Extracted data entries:
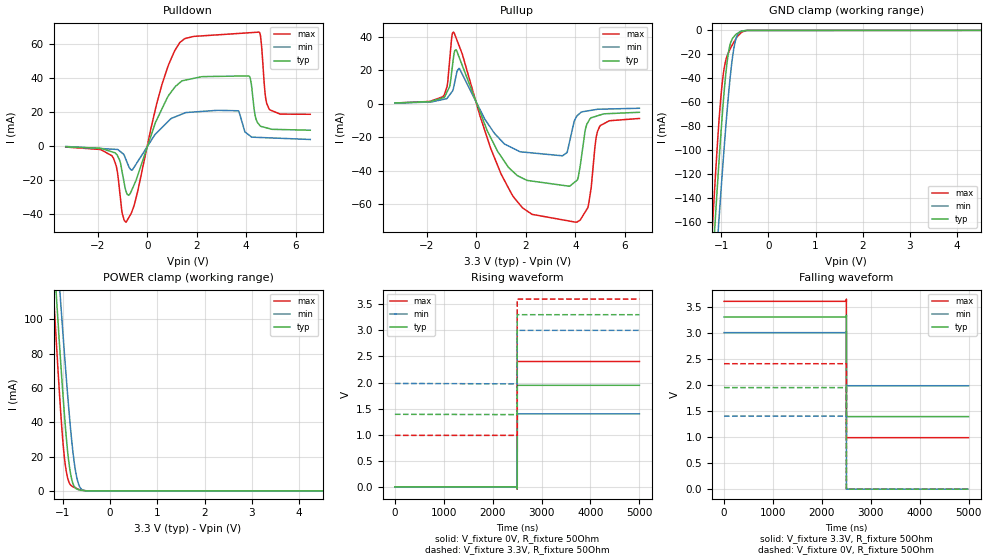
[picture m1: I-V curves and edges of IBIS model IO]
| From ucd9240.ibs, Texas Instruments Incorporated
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|   IO 3.3V Model
[Model]   IO
Model_type   I/O
|Signals
Vinl =  0.65V
Vinh =  2.85V
Vmeas = 1.475V
Vref = 3.3V
|Rref = 50Ohm
| variable   typ   min   max
|C_comp Output Disabled   (NOM PVT)   (FAST PVT)   (SLOW PVT)
C_comp   1.475pF   1.443pF   1.508pF
|C_comp Output Low   (NOM PVT)   (SLOW PVT)   (FAST PVT)
|C_comp   2.352pF   2.12pF   2.485pF
|C_comp Output High   (NOM PVT)   (SLOW PVT)   (FAST PVT)
|C_comp   3.588pF   4.366pF   11.333pF
|Junction Temperature
[Temperature Range]   27.0   110.0   -40.0
[Voltage range]   3.3V   3.0V   3.6V
[pullup reference]   3.3V   3.0V   3.6V
[power clamp reference]   3.3V   3.0V   3.6V
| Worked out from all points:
|   slope of the pulldown table from 0 to 0.495 V, typ, clamps not added: 25.7 ohm
|   slope of the pullup table from 0 to 0.495 V, typ, clamps not added: 26.7 ohm
|   GND clamp passes 1 mA (typ) near -0.59 V on its own axis
|   POWER clamp passes 1 mA (typ) near -0.70 V on its own axis
|   falling waveform, V_fixture 3.3V, R_fixture 50Ohm: 20-80 % time 340ps typ, 421ps min, 207ps max; typ from 3.3 V to 1.39 V
|   rising waveform, V_fixture 0V, R_fixture 50Ohm: 20-80 % time 708ps typ, 1.32ns min, 449ps max; typ from 0 V to 1.95 V
|   rising waveform, V_fixture 3.3V, R_fixture 50Ohm: 20-80 % time 191ps typ, 179ps min, 136ps max; typ from 1.39 V to 3.3 V
|   falling waveform, V_fixture 0V, R_fixture 50Ohm: 20-80 % time 137ps typ, 200ps min, 87.7ps max; typ from 1.95 V to 0 V
[Pulldown]
|   Voltage   I(typ)   I(min)   I(max)
-3.3V     -501.7uA   -306.3uA   -648.9uA
-1.433V   -3.458mA   -1.887mA   -5.754mA
-867.3mV  -26.36mA   -7.887mA   -44.81mA
-598.8mV  -24.93mA   -13.94mA   -37.54mA
822.5mV   28.76mA    14.15mA    46.26mA
1.862V    39.67mA    19.93mA    64.32mA
3.681V    41.06mA    20.66mA    66.09mA
4.103V    41.15mA    6.486mA    66.49mA
4.526V    12.46mA    4.989mA    66.9mA
4.785V    10.76mA    4.84mA     28.27mA
4.923V    10.23mA    4.76mA     21.76mA
6.59V     9.23mA     3.797mA    18.61mA
[GND Clamp]
|   Voltage   I(typ)   I(min)   I(max)
-3.3V     -1.646A    -1.552A    -1.764A
-1.199V   -203.9mA   -245.2mA   -173.1mA
-1.164V   -181.5mA   -224.8mA   -148.7mA
-1.141V   -167.2mA   -211.4mA   -133.2mA
-1.119V   -153.7mA   -198.7mA   -119mA
-1.055V   -114.3mA   -162mA     -79.87mA
-952.2mV  -57.94mA   -105.5mA   -35.44mA
-847.3mV  -18.71mA   -54.52mA   -18.74mA
-733.4mV  -5.448mA   -15.18mA   -9.859mA
-669.8mV  -2.845mA   -4.95mA    -5.896mA
-590.3mV  -995.3uA   -1.043mA   -2.432mA
6.59V     0A         0A         0A
[Pullup]
|   Voltage   I(typ)   I(min)   I(max)
-3.3V     518.1uA    447.8uA    523.7uA
-1.363V   3.577mA    2.608mA    4.23mA
-1.19V    7.157mA    3.3mA      10.35mA
-932.3mV  27.47mA    9.295mA    42.97mA
-688.4mV  27.43mA    21.03mA    34.24mA
551.3mV   -19.46mA   -13.8mA    -25.62mA
1.43V     -39.88mA   -26.22mA   -54.12mA
3.485V    -48.74mA   -31.03mA   -69.42mA
4.008V    -46.42mA   -8.697mA   -70.8mA
4.508V    -11.06mA   -4.178mA   -62.05mA
4.98V     -6.738mA   -3.186mA   -13.6mA
6.59V     -5.03mA    -2.61mA    -8.729mA
[POWER Clamp]
|   Voltage   I(typ)   I(min)   I(max)
-3.3V     1.126A     1.059A     1.206A
-1.199V   139.3mA    169mA      114.3mA
-1.141V   114.2mA    146mA      86.88mA
-1.055V   77.88mA    112.5mA    48.83mA
-987.2mV  51.21mA    86.79mA    24.19mA
-947.1mV  36.9mA     72.18mA    14.51mA
-835.6mV  9.528mA    35.24mA    3.429mA
-759mV    2.557mA    16.12mA    2.066mA
-698.2mV  955.7uA    6.78mA     1.273mA
-621.5mV  370.3uA    1.374mA    619.3uA
-479.9mV  32.37uA    36uA       50.4uA
6.59V     0A         0A         0A
[Ramp]
R_load = 50
|   typ   min   max
dV/dt_r   1.16808/7.01565e-010  0.840176/1.30988e-009   1.44243/4.42526e-010
dV/dt_f   1.14541/3.06636e-010  0.610549/4.09332e-010   1.56775/2.07614e-010
[Falling Waveform]
V_fixture = 3.3V
V_fixture_min = 3V
V_fixture_max = 3.6V
R_fixture = 50Ohm
C_fixture = 0F
|   Time   V(typ)   V(min)   V(max)
0s        3.3V       3V         3.6V
2.502us   3.308V     3.009V     3.644V
2.502us   3.316V     3.011V     3.439V
2.503us   3.321V     3.015V     2.204V
2.503us   2.898V     3.018V     1.506V
2.503us   2.466V     3.021V     1.156V
2.503us   1.956V     3.025V     1.042V
2.503us   1.565V     2.846V     1V
2.504us   1.399V     2.081V     987.3mV
5us       1.391V     1.982V     987.1mV
[Rising Waveform]
V_fixture = 0V
V_fixture_min = 0V
V_fixture_max = 0V
R_fixture = 50Ohm
C_fixture = 0F
|   Time   V(typ)   V(min)   V(max)
0s        1.029nV    2.401nV    778.6pV
2.502us   -10.87mV   408uV      -44.42mV
2.502us   -26.14mV   408uV      104.1mV
2.502us   43.66mV    -10.02mV   738.4mV
2.502us   582.6mV    3.087mV    1.795V
2.503us   1.015V     122mV      2.197V
2.503us   1.768V     625.1mV    2.383V
2.504us   1.934V     1.233V     2.404V
2.509us   1.947V     1.4V       2.404V
5us       1.947V     1.4V       2.404V
[Rising Waveform]
V_fixture = 3.3V
V_fixture_min = 3V
V_fixture_max = 3.6V
R_fixture = 50Ohm
C_fixture = 0F
|   Time   V(typ)   V(min)   V(max)
0s        1.391V     1.982V     987.1mV
2.501us   1.385V     1.974V     984.7mV
2.502us   1.385V     1.974V     1.214V
2.502us   1.554V     1.974V     2.479V
2.502us   1.72V      1.974V     2.965V
2.502us   2.745V     1.989V     3.501V
2.502us   3.171V     2.195V     3.567V
2.502us   3.29V      2.926V     3.581V
2.503us   3.299V     2.997V     3.6V
5us       3.3V       3V         3.6V
[Falling Waveform]
|Gnd
V_fixture = 0V
V_fixture_min = 0V
V_fixture_max = 0V
R_fixture = 50Ohm
C_fixture = 0F
|   Time   V(typ)   V(min)   V(max)
0s        1.947V     1.4V       2.404V
2.502us   1.948V     1.403V     2.408V
2.502us   1.95V      1.404V     2.35V
2.502us   1.939V     1.405V     1.995V
2.503us   1.759V     1.407V     382.1mV
2.503us   1.538V     1.407V     76.77mV
2.503us   310.2mV    1.4V       8.565mV
2.503us   70.21mV    1.374V     7.504mV
2.503us   31.71mV    70.54mV    146.2uV
5us       1.594nV    3.379nV    1.137nV

Required work: Output a verbatim copy of all entries above; no pictures go in it.

Result:
[picture m1: I-V curves and edges of IBIS model IO]
| From ucd9240.ibs, Texas Instruments Incorporated
|   IO 3.3V Model
[Model]   IO
Model_type   I/O
|Signals
Vinl =  0.65V
Vinh =  2.85V
Vmeas = 1.475V
Vref = 3.3V
|Rref = 50Ohm
| variable   typ   min   max
|C_comp Output Disabled   (NOM PVT)   (FAST PVT)   (SLOW PVT)
C_comp   1.475pF   1.443pF   1.508pF
|C_comp Output Low   (NOM PVT)   (SLOW PVT)   (FAST PVT)
|C_comp   2.352pF   2.12pF   2.485pF
|C_comp Output High   (NOM PVT)   (SLOW PVT)   (FAST PVT)
|C_comp   3.588pF   4.366pF   11.333pF
|Junction Temperature
[Temperature Range]   27.0   110.0   -40.0
[Voltage range]   3.3V   3.0V   3.6V
[pullup reference]   3.3V   3.0V   3.6V
[power clamp reference]   3.3V   3.0V   3.6V
| Worked out from all points:
|   slope of the pulldown table from 0 to 0.495 V, typ, clamps not added: 25.7 ohm
|   slope of the pullup table from 0 to 0.495 V, typ, clamps not added: 26.7 ohm
|   GND clamp passes 1 mA (typ) near -0.59 V on its own axis
|   POWER clamp passes 1 mA (typ) near -0.70 V on its own axis
|   falling waveform, V_fixture 3.3V, R_fixture 50Ohm: 20-80 % time 340ps typ, 421ps min, 207ps max; typ from 3.3 V to 1.39 V
|   rising waveform, V_fixture 0V, R_fixture 50Ohm: 20-80 % time 708ps typ, 1.32ns min, 449ps max; typ from 0 V to 1.95 V
|   rising waveform, V_fixture 3.3V, R_fixture 50Ohm: 20-80 % time 191ps typ, 179ps min, 136ps max; typ from 1.39 V to 3.3 V
|   falling waveform, V_fixture 0V, R_fixture 50Ohm: 20-80 % time 137ps typ, 200ps min, 87.7ps max; typ from 1.95 V to 0 V
[Pulldown]
|   Voltage   I(typ)   I(min)   I(max)
-3.3V     -501.7uA   -306.3uA   -648.9uA
-1.433V   -3.458mA   -1.887mA   -5.754mA
-867.3mV  -26.36mA   -7.887mA   -44.81mA
-598.8mV  -24.93mA   -13.94mA   -37.54mA
822.5mV   28.76mA    14.15mA    46.26mA
1.862V    39.67mA    19.93mA    64.32mA
3.681V    41.06mA    20.66mA    66.09mA
4.103V    41.15mA    6.486mA    66.49mA
4.526V    12.46mA    4.989mA    66.9mA
4.785V    10.76mA    4.84mA     28.27mA
4.923V    10.23mA    4.76mA     21.76mA
6.59V     9.23mA     3.797mA    18.61mA
[GND Clamp]
|   Voltage   I(typ)   I(min)   I(max)
-3.3V     -1.646A    -1.552A    -1.764A
-1.199V   -203.9mA   -245.2mA   -173.1mA
-1.164V   -181.5mA   -224.8mA   -148.7mA
-1.141V   -167.2mA   -211.4mA   -133.2mA
-1.119V   -153.7mA   -198.7mA   -119mA
-1.055V   -114.3mA   -162mA     -79.87mA
-952.2mV  -57.94mA   -105.5mA   -35.44mA
-847.3mV  -18.71mA   -54.52mA   -18.74mA
-733.4mV  -5.448mA   -15.18mA   -9.859mA
-669.8mV  -2.845mA   -4.95mA    -5.896mA
-590.3mV  -995.3uA   -1.043mA   -2.432mA
6.59V     0A         0A         0A
[Pullup]
|   Voltage   I(typ)   I(min)   I(max)
-3.3V     518.1uA    447.8uA    523.7uA
-1.363V   3.577mA    2.608mA    4.23mA
-1.19V    7.157mA    3.3mA      10.35mA
-932.3mV  27.47mA    9.295mA    42.97mA
-688.4mV  27.43mA    21.03mA    34.24mA
551.3mV   -19.46mA   -13.8mA    -25.62mA
1.43V     -39.88mA   -26.22mA   -54.12mA
3.485V    -48.74mA   -31.03mA   -69.42mA
4.008V    -46.42mA   -8.697mA   -70.8mA
4.508V    -11.06mA   -4.178mA   -62.05mA
4.98V     -6.738mA   -3.186mA   -13.6mA
6.59V     -5.03mA    -2.61mA    -8.729mA
[POWER Clamp]
|   Voltage   I(typ)   I(min)   I(max)
-3.3V     1.126A     1.059A     1.206A
-1.199V   139.3mA    169mA      114.3mA
-1.141V   114.2mA    146mA      86.88mA
-1.055V   77.88mA    112.5mA    48.83mA
-987.2mV  51.21mA    86.79mA    24.19mA
-947.1mV  36.9mA     72.18mA    14.51mA
-835.6mV  9.528mA    35.24mA    3.429mA
-759mV    2.557mA    16.12mA    2.066mA
-698.2mV  955.7uA    6.78mA     1.273mA
-621.5mV  370.3uA    1.374mA    619.3uA
-479.9mV  32.37uA    36uA       50.4uA
6.59V     0A         0A         0A
[Ramp]
R_load = 50
|   typ   min   max
dV/dt_r   1.16808/7.01565e-010  0.840176/1.30988e-009   1.44243/4.42526e-010
dV/dt_f   1.14541/3.06636e-010  0.610549/4.09332e-010   1.56775/2.07614e-010
[Falling Waveform]
V_fixture = 3.3V
V_fixture_min = 3V
V_fixture_max = 3.6V
R_fixture = 50Ohm
C_fixture = 0F
|   Time   V(typ)   V(min)   V(max)
0s        3.3V       3V         3.6V
2.502us   3.308V     3.009V     3.644V
2.502us   3.316V     3.011V     3.439V
2.503us   3.321V     3.015V     2.204V
2.503us   2.898V     3.018V     1.506V
2.503us   2.466V     3.021V     1.156V
2.503us   1.956V     3.025V     1.042V
2.503us   1.565V     2.846V     1V
2.504us   1.399V     2.081V     987.3mV
5us       1.391V     1.982V     987.1mV
[Rising Waveform]
V_fixture = 0V
V_fixture_min = 0V
V_fixture_max = 0V
R_fixture = 50Ohm
C_fixture = 0F
|   Time   V(typ)   V(min)   V(max)
0s        1.029nV    2.401nV    778.6pV
2.502us   -10.87mV   408uV      -44.42mV
2.502us   -26.14mV   408uV      104.1mV
2.502us   43.66mV    -10.02mV   738.4mV
2.502us   582.6mV    3.087mV    1.795V
2.503us   1.015V     122mV      2.197V
2.503us   1.768V     625.1mV    2.383V
2.504us   1.934V     1.233V     2.404V
2.509us   1.947V     1.4V       2.404V
5us       1.947V     1.4V       2.404V
[Rising Waveform]
V_fixture = 3.3V
V_fixture_min = 3V
V_fixture_max = 3.6V
R_fixture = 50Ohm
C_fixture = 0F
|   Time   V(typ)   V(min)   V(max)
0s        1.391V     1.982V     987.1mV
2.501us   1.385V     1.974V     984.7mV
2.502us   1.385V     1.974V     1.214V
2.502us   1.554V     1.974V     2.479V
2.502us   1.72V      1.974V     2.965V
2.502us   2.745V     1.989V     3.501V
2.502us   3.171V     2.195V     3.567V
2.502us   3.29V      2.926V     3.581V
2.503us   3.299V     2.997V     3.6V
5us       3.3V       3V         3.6V
[Falling Waveform]
|Gnd
V_fixture = 0V
V_fixture_min = 0V
V_fixture_max = 0V
R_fixture = 50Ohm
C_fixture = 0F
|   Time   V(typ)   V(min)   V(max)
0s        1.947V     1.4V       2.404V
2.502us   1.948V     1.403V     2.408V
2.502us   1.95V      1.404V     2.35V
2.502us   1.939V     1.405V     1.995V
2.503us   1.759V     1.407V     382.1mV
2.503us   1.538V     1.407V     76.77mV
2.503us   310.2mV    1.4V       8.565mV
2.503us   70.21mV    1.374V     7.504mV
2.503us   31.71mV    70.54mV    146.2uV
5us       1.594nV    3.379nV    1.137nV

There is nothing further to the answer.